To help you write your XML you can create a little utility that generates the XML for a given object. You can then use this to construct your container and bind its related objects with references. Here is the code for one such utility:

public class PrototypeFileWriter {
  private static final XStream XSTREAM = new XStream();
  
  public static void main(String[] args) {
    String className = args[0];
    try {
      Object object = Class.forName(className).newInstance();
      System.out.println(XSTREAM.toXML(object));
    } catch (Exception e) { // naughty
      e.printStackTrace();
    }
  }
}

Messy Objects

The drawback of using this method is that you have to define your objects in XML, and while XStream does a good job of making this a realistic exercise it still falls down when the objects being contained get complicated. This is common when the container needs to hold object from closed sources or java libraries.

The most common form of this is Logger objects, which require some thirty lines of definition.

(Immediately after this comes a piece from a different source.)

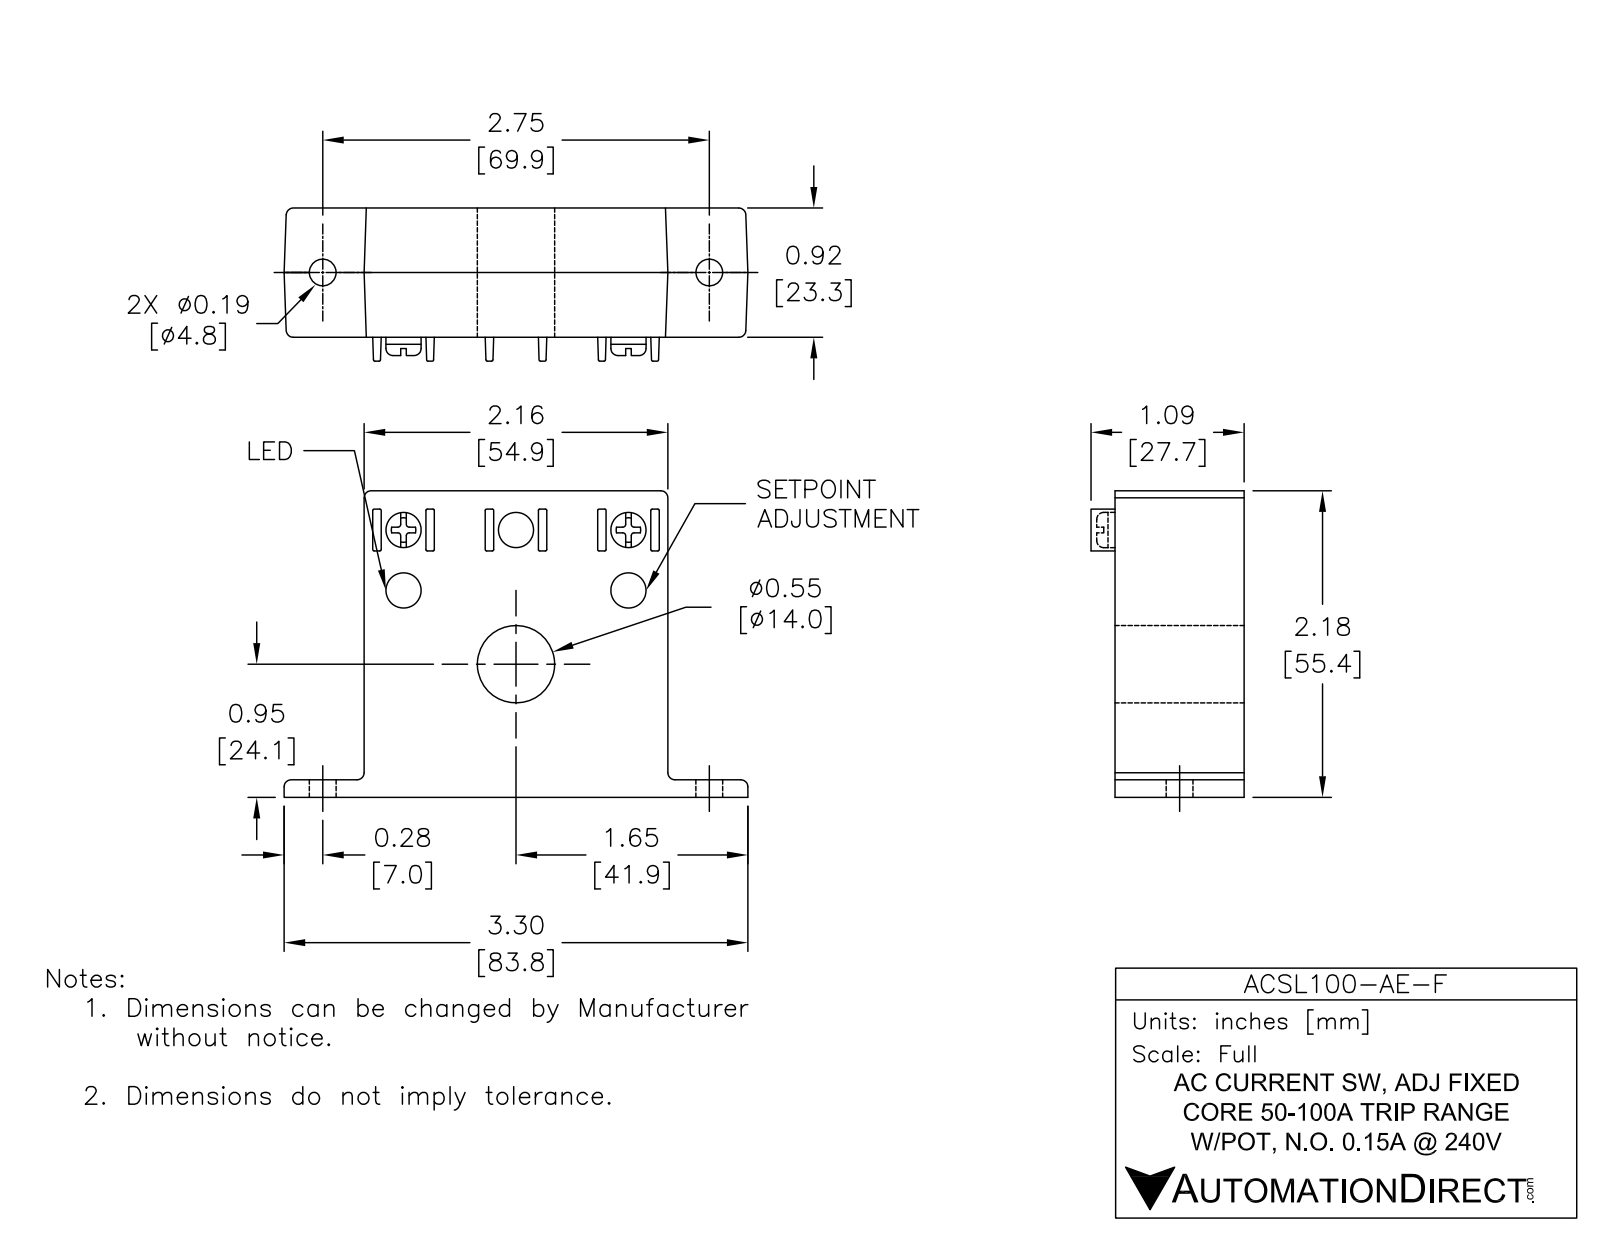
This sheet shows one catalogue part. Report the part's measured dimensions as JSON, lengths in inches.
{"part_name": "ACSL100-AE-F", "step_written_by": "SolidWorks 2018 (AUTOMOTIVE_DESIGN)", "units": "inches", "bodies": {"solids": 10, "faces": 368, "planar": 236, "cylindrical": 114, "other": 18}, "overall_size": [3.292, 2.188, 1.151], "volume_in3": 4.41, "surface_area_in2": 30.46, "round_holes": [[0.2, 4], [0.121, 2], [0.13, 2], [0.14, 2], [0.24, 2], [0.55, 1], [0.59, 1]], "round_bosses_or_shafts": [[0.321, 2], [0.138, 2], [0.187, 1], [0.063, 1]], "partial_cylinders_radius": [[0.015, 14], [0.089, 1]], "face_to_face_distances": [0.937, 0.938, 2.188, 2.172, 0.145, 2.043, 0.031, 0.383, 0.062, 0.824], "hole_center_spacings": [0.341, 1.036, 1.272, 1.647, 1.682, 0.015, 0.335, 1.034]}

There are two things you can do about it, firstly you can extend the converters of XStream to support a lightweight representation of the messy object type. And secondly you can put a delegating object in the container that the InvocationHandler knows about, to locate the messy object on demand.

For the Logger example a custom converter works well. Here is an example of the source of such a converter for

log4j:

public class LoggerConverter implements Converter {
  public boolean canConvert(Class clazz) {
    return Logger.class.isAssignableFrom(clazz);
  }
  public void marshal(
    Object object,
    HierarchicalStreamWriter writer,
    MarshallingContext context) {
    
    Logger logger = (Logger) object;
    writer.setValue(logger.getName());
  }
  public Object unmarshal(
    HierarchicalStreamReader reader,
    UnmarshallingContext context) {
    
    String name = reader.getValue();
    return Logger.getLogger(name);
  }
}

This makes your container definition a lot simpler:

<list>
  <string>this container is for movie stuff</string>
  <org.apache.log4j.Logger>my movie channel</org.apache.log4j.Logger>
  
  ...
</list>

And to make it work you just need to register the new converter with your XStream instance:

XSTREAM.registerConverter(new LoggerConverter());

In general to avoid messy object definitions in your xml files you should aim to contain factories and accessors rather than the objects themselves. This has the added advantage of avoiding imposing a cardinality on the objects.

Lifecycles

As mentioned above, the XML container works for a static container. Because there is no construction, then there is no implicit lifecycle. For most uses of containers will be sufficient. But if you need a lifecycle then you will need to implement this in your container object - the InvocationHandler instance.

if (contents == null) {
  contents =
    (Collection) XSTREAM.fromXML(
      new InputStreamReader(
        this.getClass().getResourceAsStream(filename)));
  // put initialisation code here
}

An example of what you might do is use reflection to check for an init() method and call it on each element in turn. Or you could go the whole way and implement the instantiation, logging, contextualization, service, configuration, parameterisation, initialisation, execution, suspension, resumption, and disposal lifecycle definition.

Another way to achieve a lifecycle is to wrap your list definition in a custom class, e.g. LifecycleContainer, and then use a LifecycleContainerConverter to execute the lifecycle upon unmarshalling.

If you have a complex lifecycle then you should consider using something like Avalon instead.